I do not believe this for a second, and neither should you. Honestly, that was someone pulling the wool over your eyes. I would really like to see some proof.... 
And, no, I'm not attacking you, but it's myths like this that make horse owners breed more than they should.


----------



## Dvine (Aug 26, 2008)

*Re: just my opinion*



JustDressageIt said:


> lizard13 said:
> 
> 
> > 60% of mares might never come in foal again if you give them a year off, ive seen it happen many times and am having problems with one of my mares because of this very thing i thought i should give her a year of and then was told otherwise.
> ...


Just DressageIt, do you think it's something the minis owner should be concerned with?


----------



## TxHorseMom (Mar 4, 2007)

While it's true that many do breed back on foal heat, it is something I NEVER have done. The part about them not breeding back is a myth. The foal heat is "natures way" of them cleaning out the uterus after having the foal. I have bred back on the next heat or the following heat but I only let my mares have 2 foals then they got the year off.
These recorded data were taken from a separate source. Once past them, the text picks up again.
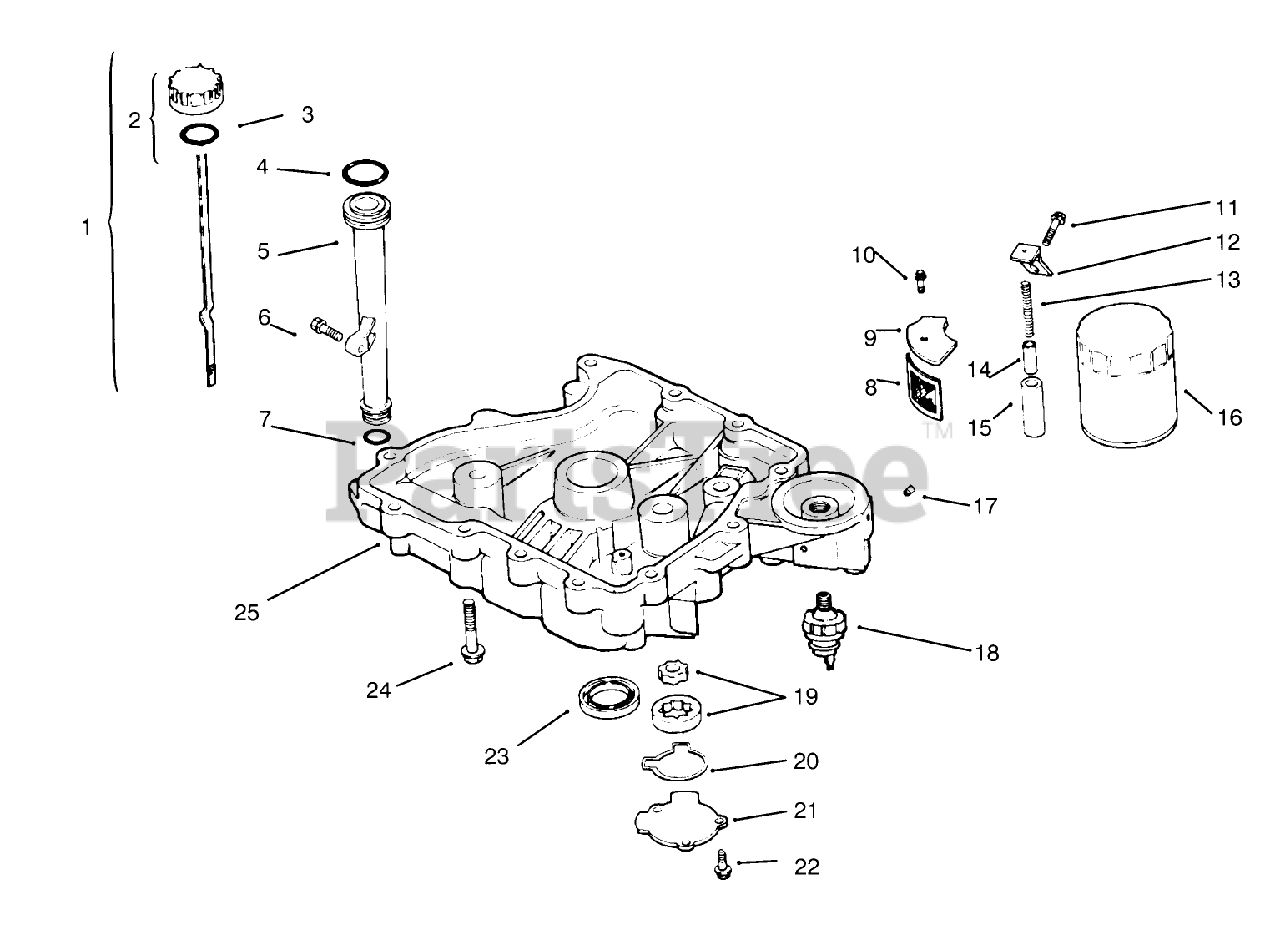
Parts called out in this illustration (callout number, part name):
1	Dipstick INC 2-3 (Only On: 72042, 72063, 72062, 72043)
2	Kit-Oil Fill Cap (Incl. Ref. #7)
3	ORing
4	O Ring-Upper Fill Tube (Only On: 72103)
5	Tube-Oil Fill (Only On: 72103, 72083)
7	O-Ring-Lower Fill Tube (Only On: 72042, 72063, 72062, 72043)
8	Screen-Oil Pickup (Only On: 72042, 72063, 72062, 72043)
9	Cover-Oil Pickup Screen (Only On: 72042, 72063, 72062, 72043)
10	Screw M5x0.8x16 (Only On: 72042, 72063, 72062, 72043)
11	Screw M10x1.5x25 (Only On: 72042, 72063, 72062, 72043)
12	Bracket-Oil Pump Relief (Only On: 72042,72043,72062,72063)
13	Spring-Oil Relief Valve (Only On: 72042,72043,72062,72063)
14	Piston-Oil Relief Valve (Only On: 72042, 72063, 72062, 72043)
15	Body-Oil Relief Valve (Only On: 72042, 72063, 72062, 72043)
16	Filter-Oil
18	Switch-Oil Pressure
19	Pump-Oil (Only On: 72042, 72063, 72062, 72043)
20	O Ring-Oil Pump Cover (Only On: 72042,72043,72062,72063)
21	Cover-Oil Pump (Only On: 72042,72043,72062,72063)
22	Screw M5x0.8x16 (Only On: 72042, 72063, 72062, 72043)
23	Seal-Crankshaft (Only On: 72042, 72043, 72062, 72063)
24	Screw M8x1.25x45 (Only On: 72042, 72063, 72062, 72043)
25	Pan-Oil (Only On: 72042,72043,72062,72063)

The only time I have ever had "difficulty" getting a mare to take after having a year off is if they are a bit older. I always let them come into heat naturally (no shots to bring them in) and if they are older and don't take, that's that is "natures way" of telling me that they don't need to have any more foals. My girls were never baby factories. I still own all of my retired mares (that are still alive) I also won't sell them after they get too old to have a foal. To me, they deserve retirement. To some, that my not seem to be very "good business" but it is the way I do business.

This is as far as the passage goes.